Recently Microsoft announced the public preview of a new version of the Computer Vision Image Analysis API, making all visual image features ranging from Optical Character Recognition (OCR) to object detection available through a single endpoint.
Computer Vision Image Analysis API is part of Microsoft Azure Cognitive Service offering. With the API, customers can extract various visual features from their images. The latest version, 4.0, offers a new feature with OCR, optimized for image scenarios that make OCR easy to use for user interfaces and near real-time experiences. In addition, it now supports 164 languages, including Cyrillic, Arabic, and Hindi languages. The feature recognizes printed and handwritten text in image files (supported formats are .JPEG, .JPG, .PNG, .BMP, and .TIFF).

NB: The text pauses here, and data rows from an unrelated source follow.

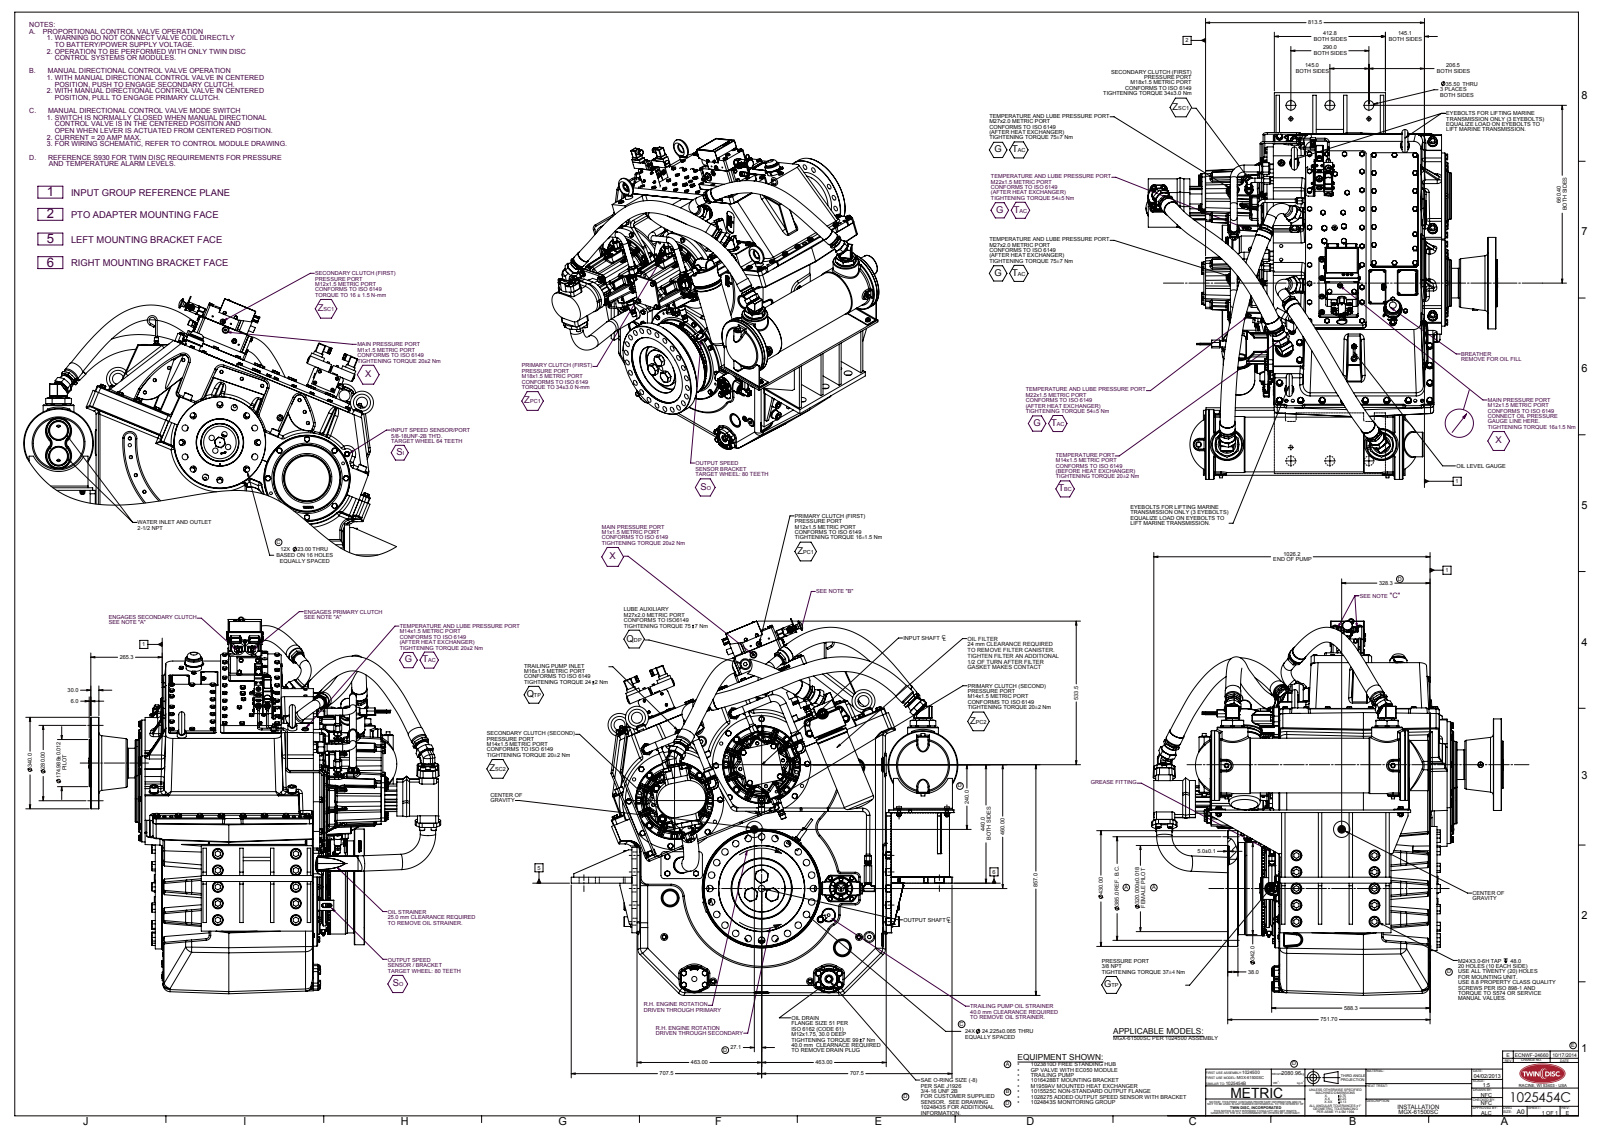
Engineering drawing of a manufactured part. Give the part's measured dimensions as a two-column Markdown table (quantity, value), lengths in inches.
| quantity | value |
| --- | --- |
| part name | 1025454C |
| STEP written by | SolidWorks 2010 (AUTOMOTIVE_DESIGN) |
| units | inches |
| bodies | 0 solids, 10051 faces (3178 planar, 4202 cylindrical, 2671 other) |
| overall size | 56.557 × 55.106 × 51.422 |
| round holes (diameter × count) | 0.472 × 39, 0.954 × 24, 0.906 × 13, 0.118 × 10, 0.402 × 10, 1.004 × 10, 0.787 × 8, 0.504 × 6, 1.398 × 6, 0.501 × 4, 0.571 × 4, 0.781 × 4 |
| round bosses / shafts (diameter × count) | 0.945 × 33, 0.25 × 20, 0.709 × 15, 1.417 × 10, 0.75 × 10, 1.575 × 7, 1.47 × 7, 0.669 × 7 |
| partial cylindrical surfaces (radius × count) | 1.35 × 192, 3.198 × 174, 0.236 × 156, 0.472 × 134, 0.118 × 115, 2.28 × 96, 0.045 × 90, 2.415 × 45 |
| main face-to-face distances | 0.75, 37.207, 0.118, 0.5, 21.988, 4.398, 36.457, 0.375, 21.87, 9.447 |
| hole center spacings | 11.417, 0.394, 2.421, 11.671, 0.787, 4.508, 4.843, 12.402 |

Next to the OCR feature, also in preview is the "detect people in image" feature. Finally, all the features are available in one API.
Note that Microsoft tests its products with the API. PowerPoint, Designer, Word, Outlook, Edge, and LinkedIn are using Vision APIs to power design suggestions, alt text for accessibility, SEO, document processing, and content moderation.

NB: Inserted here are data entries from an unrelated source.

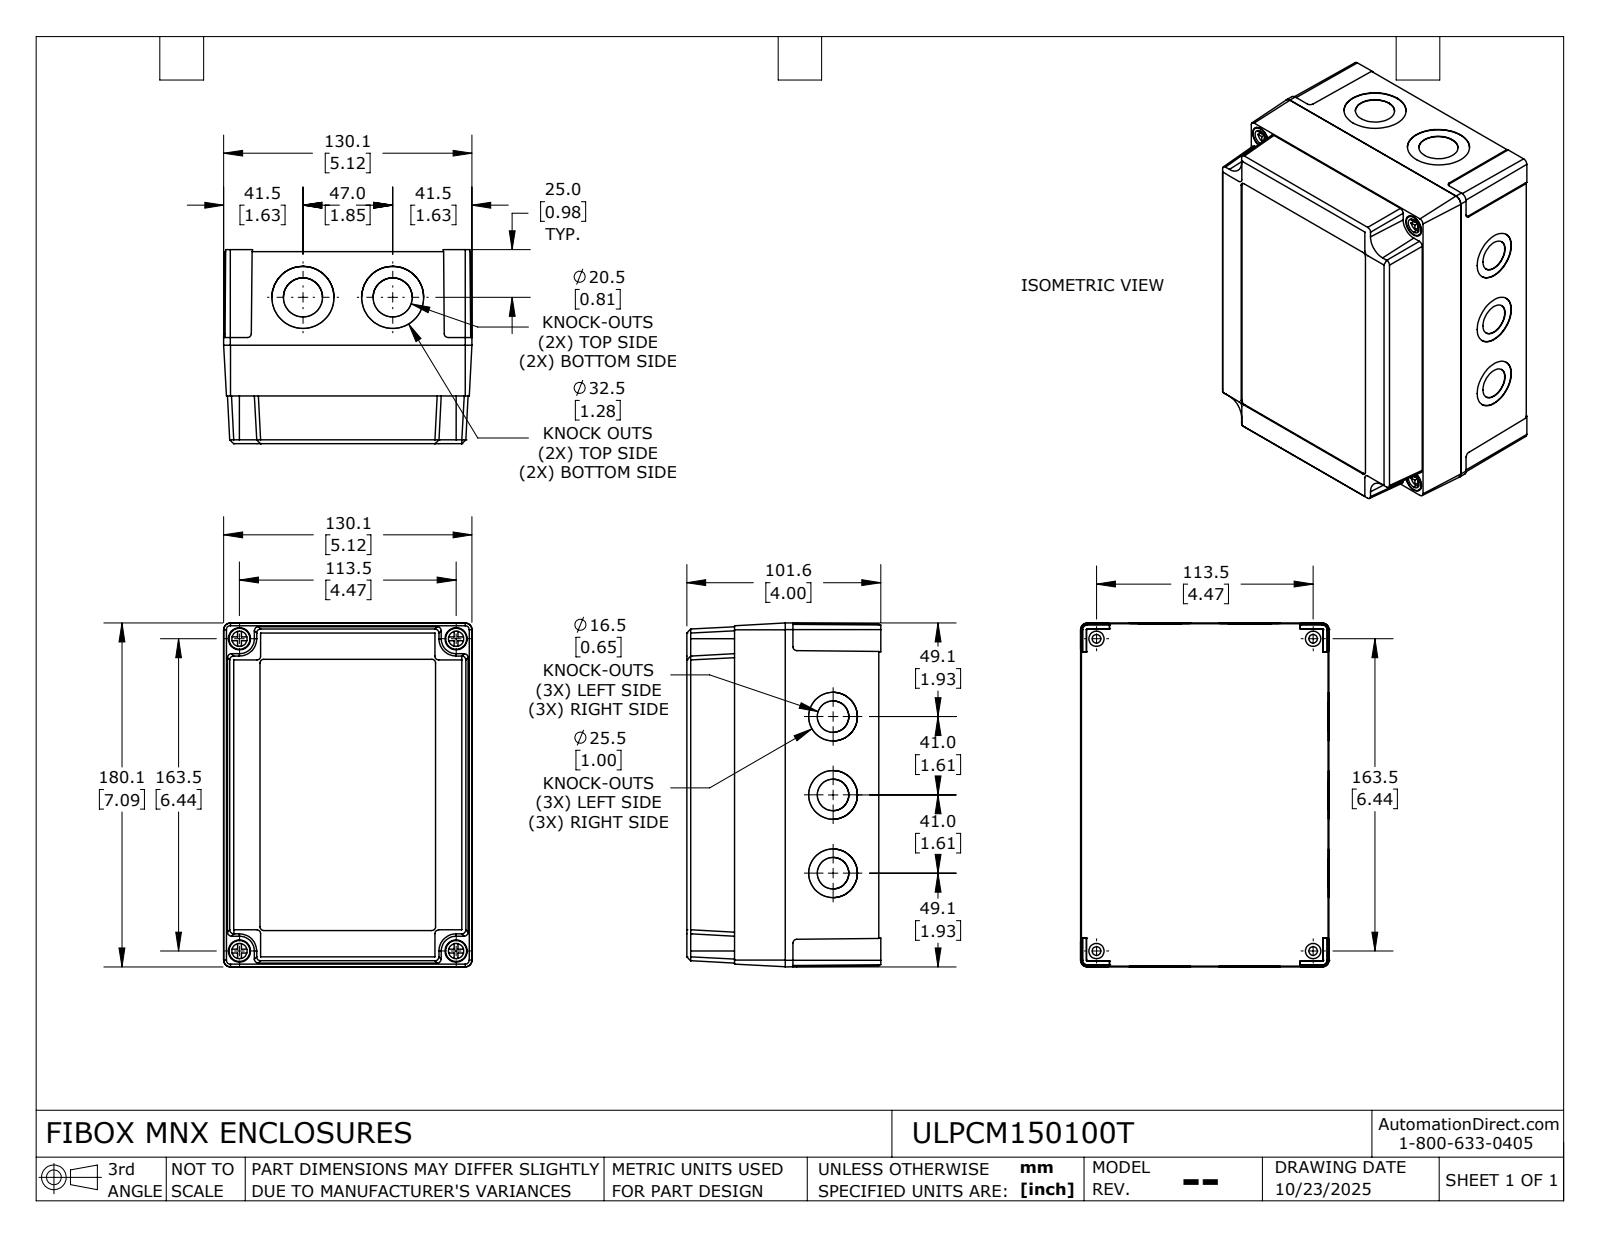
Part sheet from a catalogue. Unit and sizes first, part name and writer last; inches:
Units: inches
Overall size (bounding box): 7.091 × 5.122 × 4
Round holes (diameter × count): ⌀0.126 ×8, ⌀0.157 ×8, ⌀0.65 ×6, ⌀1.004 ×6, ⌀0.177 ×4, ⌀0.315 ×4, ⌀0.457 ×4, ⌀0.807 ×4, ⌀1.28 ×4
Round bosses / shafts (diameter × count): ⌀0.315 ×8, ⌀0.098 ×8, ⌀0.433 ×4, ⌀0.283 ×4
Partial cylindrical surfaces — rounded edges, fillets, slot ends (radius × count): R0.079 ×8, R0.083 ×8, R0.056 ×6, R0.021 ×4, R0.197 ×4, R0.023 ×2
Main face-to-face distances: 3.862, 0.118, 3.744, 0.165, 0.079, 3.823, 3.941, 0.055, 0.078, 0.098
Hole centre spacings: 1.333, 1.614, 1.939, 1.969, 2.281, 3.252, 3.276, 4.054
Volume: 19.99 in³ · Surface area: 344 in²
Bodies: 6 solids, 581 faces (335 planar, 200 cylindrical, 46 other)
Part name (STEP PRODUCT): ULPCM150100T_Default
STEP written by: SolidWorks 2024 (CONFIG_CONTROL_DESIGN)

Besides the OCR and detecting people in image features of Image Analysis, the company also previews another feature: Spatial Analysis. With this feature, developers can create applications that count people in a room, understand dwell times in front of a retail display, and determine wait times in lines.
The upgrade of Computer Vision API is also part of Microsoft’s Responsible AI process and its principles of fairness, inclusiveness, reliability, safety, transparency, privacy and security, and accountability. Other public cloud companies like Google follow the same principle with their responsible AI guidelines.

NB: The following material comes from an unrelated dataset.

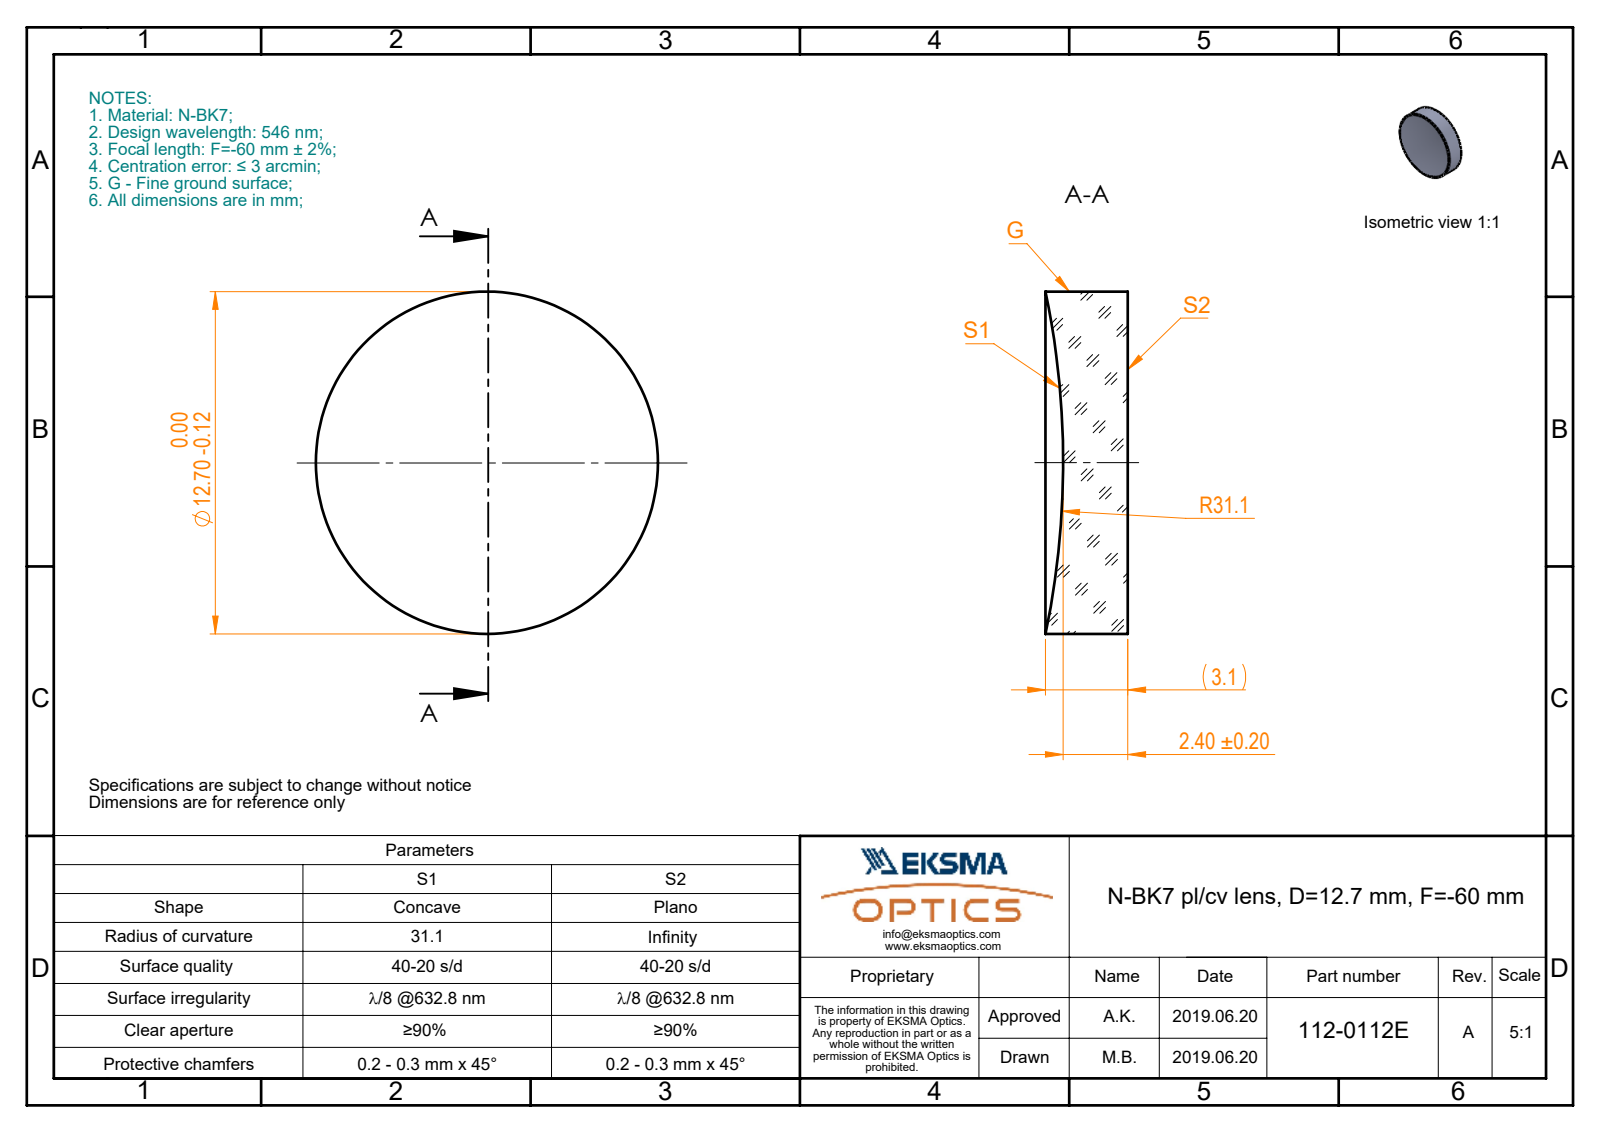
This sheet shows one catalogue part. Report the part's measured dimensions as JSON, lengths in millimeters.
{"part_name": "112-0112E BK7 pl-cv 12.7 F-60", "step_written_by": "SolidWorks 2017 (CONFIG_CONTROL_DESIGN)", "units": "millimeters", "bodies": {"solids": 1, "faces": 5, "planar": 1, "cylindrical": 2, "other": 2}, "overall_size": [12.7, 12.7, 3.06], "volume_mm3": 345, "surface_area_mm2": 377, "round_bosses_or_shafts": [[12.7, 1]]}

The company recommends using the new version of the API in the future. Developers can use Image Analysis through a client library SDK by calling the REST API or try out the feature with Vision Studio.
More details on the Computer Vision API are available on the documentation landing page and FAQs. Price details and availability can be found on the pricing page.
Lastly, Andy Beatman, a senior product marketing manager at Azure AI, revealed what will come next in an Azure blog post:
We will continue to release breakthrough vision AI through this new API over the coming months, including capabilities powered by the Florence foundation model featured in this year’s premiere computer vision conference keynote at CVPR.